While browsing around the Google webmaster central, happened to bump into HTML improvement section and saw the replytocom duplicate title tags content warning. I was pretty sure what I wrote would not be duplicate within my website domain or my other sites. After all, Google frowns upon such duplicate content.
Upon further digging, it seems this is a WordPress issue. It automatically generates a suffix with a ?replytocom=xxx whenever comments are generated. I wonder why WordPress does such a thing, didn’t they know duplicate content is harmful to a site ranking against Google especially with the Panda algorithm?
Anyway, I found the solution and thought I reshare and at the same time make a personal note for myself in my blog.

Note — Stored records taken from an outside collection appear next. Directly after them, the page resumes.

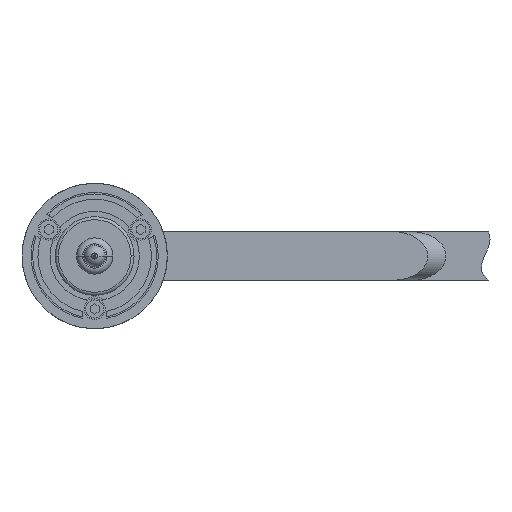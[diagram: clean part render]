
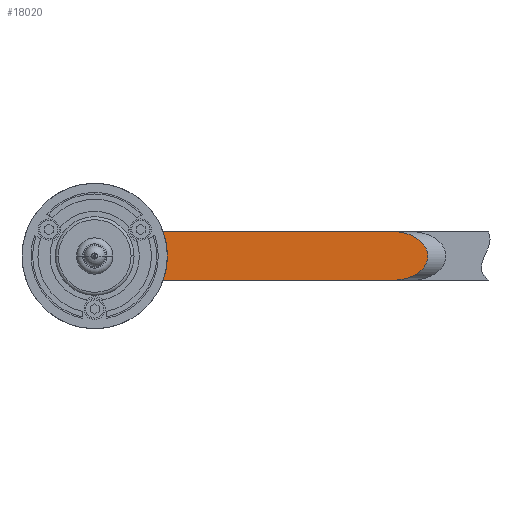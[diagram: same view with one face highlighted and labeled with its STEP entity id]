
A CAD part, front view. The second image highlights one B-rep face of the part: STEP entity #18020.
In plain terms, the highlighted planar face has unit normal (0, -1, 0).
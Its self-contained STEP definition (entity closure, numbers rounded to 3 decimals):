
#17373=CARTESIAN_POINT('',(0.,-14.,0.));
#17374=DIRECTION('',(0.,1.,0.));
#17375=DIRECTION('',(0.943,0.,0.333));
#17376=AXIS2_PLACEMENT_3D('',#17373,#17374,#17375);
#17391=CARTESIAN_POINT('',(98.686,-14.,-8.));
#17392=CARTESIAN_POINT('',(100.02,-14.,-8.));
#17393=CARTESIAN_POINT('',(102.9,-14.,-7.659));
#17394=CARTESIAN_POINT('',(106.926,-14.,-5.824));
#17395=CARTESIAN_POINT('',(109.084,-14.,-3.458));
#17396=CARTESIAN_POINT('',(109.881,-14.,-1.445));
#17397=CARTESIAN_POINT('',(110.059,-14.,0.));
#17398=CARTESIAN_POINT('',(109.881,-14.,1.445));
#17399=CARTESIAN_POINT('',(109.084,-14.,3.458));
#17400=CARTESIAN_POINT('',(106.926,-14.,5.824));
#17401=CARTESIAN_POINT('',(102.9,-14.,7.659));
#17402=CARTESIAN_POINT('',(100.02,-14.,8.));
#17403=CARTESIAN_POINT('',(98.686,-14.,8.));
#17405=DIRECTION('',(1.,0.,0.));
#17406=VECTOR('',#17405,76.059);
#17407=CARTESIAN_POINT('',(22.627,-14.,-8.));
#17408=LINE('',#17407,#17406);
#17409=DIRECTION('',(-1.,0.,0.));
#17410=VECTOR('',#17409,76.059);
#17411=CARTESIAN_POINT('',(98.686,-14.,8.));
#17412=LINE('',#17411,#17410);
#17520=CARTESIAN_POINT('',(0.,-14.,0.));
#17521=DIRECTION('',(0.,1.,0.));
#17522=DIRECTION('',(1.,0.,0.));
#17523=AXIS2_PLACEMENT_3D('',#17520,#17521,#17522);
#17649=CARTESIAN_POINT('',(24.,-14.,0.));
#17650=CARTESIAN_POINT('',(22.627,-14.,-8.));
#17651=VERTEX_POINT('',#17649);
#17652=VERTEX_POINT('',#17650);
#17653=CARTESIAN_POINT('',(22.627,-14.,8.));
#17654=VERTEX_POINT('',#17653);
#17655=VERTEX_POINT('',#17391);
#17656=VERTEX_POINT('',#17403);
#18004=CARTESIAN_POINT('',(0.,-14.,0.));
#18005=DIRECTION('',(0.,-1.,0.));
#18006=DIRECTION('',(1.,0.,0.));
#18007=AXIS2_PLACEMENT_3D('',#18004,#18005,#18006);
#18008=PLANE('',#18007);
#18010=ORIENTED_EDGE('',*,*,#18009,.F.);
#18012=ORIENTED_EDGE('',*,*,#18011,.F.);
#18014=ORIENTED_EDGE('',*,*,#18013,.F.);
#18015=ORIENTED_EDGE('',*,*,#17990,.F.);
#18017=ORIENTED_EDGE('',*,*,#18016,.F.);
#18018=EDGE_LOOP('',(#18010,#18012,#18014,#18015,#18017));
#18019=FACE_OUTER_BOUND('',#18018,.F.);
#18020=ADVANCED_FACE('',(#18019),#18008,.T.);
#17377=CIRCLE('',#17376,24.);
#17404=B_SPLINE_CURVE_WITH_KNOTS('',3,(#17391,#17392,#17393,#17394,#17395,
#17396,#17397,#17398,#17399,#17400,#17401,#17402,#17403),.UNSPECIFIED.,.F.,.F.,(
4,1,1,1,1,1,1,1,1,1,4),(0.,0.125,0.25,0.375,0.438,0.5,0.563,
0.625,0.75,0.875,1.),.UNSPECIFIED.);
#17524=CIRCLE('',#17523,24.);
#17990=EDGE_CURVE('',#17654,#17651,#17377,.T.);
#18009=EDGE_CURVE('',#17655,#17656,#17404,.T.);
#18011=EDGE_CURVE('',#17652,#17655,#17408,.T.);
#18013=EDGE_CURVE('',#17651,#17652,#17524,.T.);
#18016=EDGE_CURVE('',#17656,#17654,#17412,.T.);
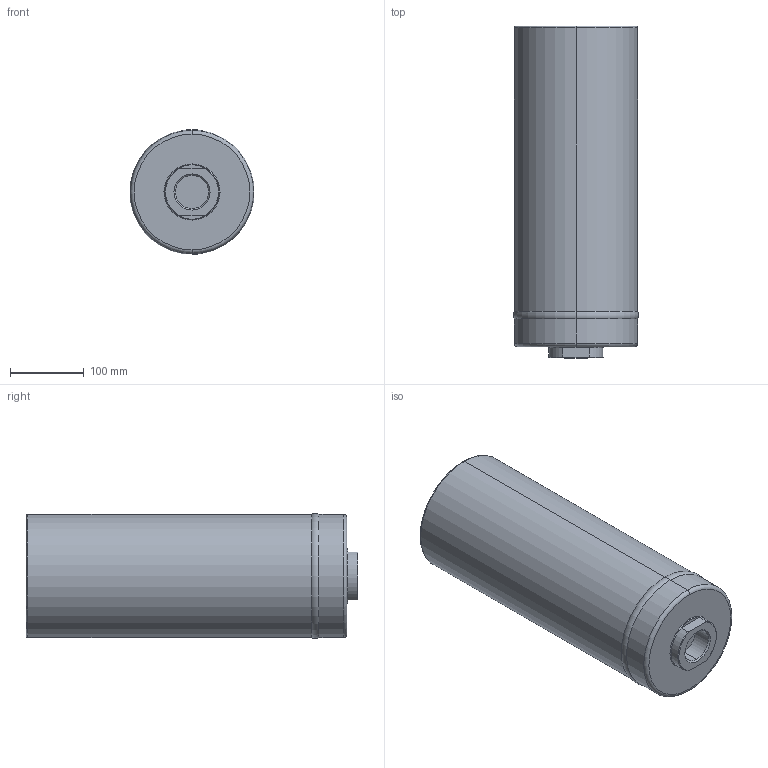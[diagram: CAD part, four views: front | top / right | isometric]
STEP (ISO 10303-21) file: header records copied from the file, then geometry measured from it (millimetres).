
FILE_DESCRIPTION (( 'STEP AP214' ), '1' );
FILE_NAME ('U060A12X1-AI.STEP', '2025-05-28T10:07:29', ( '' ), ( '' ), 'SwSTEP 2.0', 'SolidWorks 2024', '' );
FILE_SCHEMA (( 'AUTOMOTIVE_DESIGN' ));
Length unit declared in the file: millimetre
Products named in the file (1): U060A12X1-AI
Bounding box: 169.67 x 450.48 x 169.67 mm (x, y, z)
Volume: 9134306.3 mm3; surface area: 326003.8 mm2
Topology: 9 solids, 9 shells, 276 faces, 604 edges, 354 vertices
Faces by surface type: plane 106, cylinder 78, torus 48, cone 40, sphere 4
Entity records: 7748 total; most frequent: CARTESIAN_POINT 1443, DIRECTION 1433, ORIENTED_EDGE 1184, EDGE_CURVE 592, AXIS2_PLACEMENT_3D 586, VERTEX_POINT 354, EDGE_LOOP 314, CIRCLE 309

To check whether you are also facing such replytocom issues in your WordPress installation, head on to Google Webmaster Central, and check under:
–> Search Appearance
—>HTML Improvements
—-> Duplicate Title Tags
It will show you how many pages Google has detected in your WordPress website indexed with duplicate title tags. For my case only about 6 were detected. Although I’m pretty sure there are more of such pages, somehow the Google bots only managed to crawl those pages.
To prevent such crawling of WordPress auto generated replytocom pages, head over to:
–> Crawl
—-> URL Parameters
—–> Add Parameter
Key in the parameters as per above picture.
You may check the parameter by looking through the “Show example URLs”. I saw I have many such pages though I wonder why it wasn’t crawled earlier.
Anyway, save the new parameter and wait for the Google Webmaster to refresh its data.
In addition, you may want to add this code into your ROBOT.TXT file located in the root directory of your website.
Disallow: *?replytocom
This should further prevent not only Google bots, but exclude other spiders as well from crawling your replytocom duplicate content.
Apart from the above two methods, a third option is to use a WordPress plugin. However I decided against installing this plugin as that would mean more processes running in the WordPress software. If the above settings should work, there was no need to install additional plugin.
Since I’ve just set up the above parameters, I just have to wait and see the end result from Google Webmaster Central after it refreshes its data.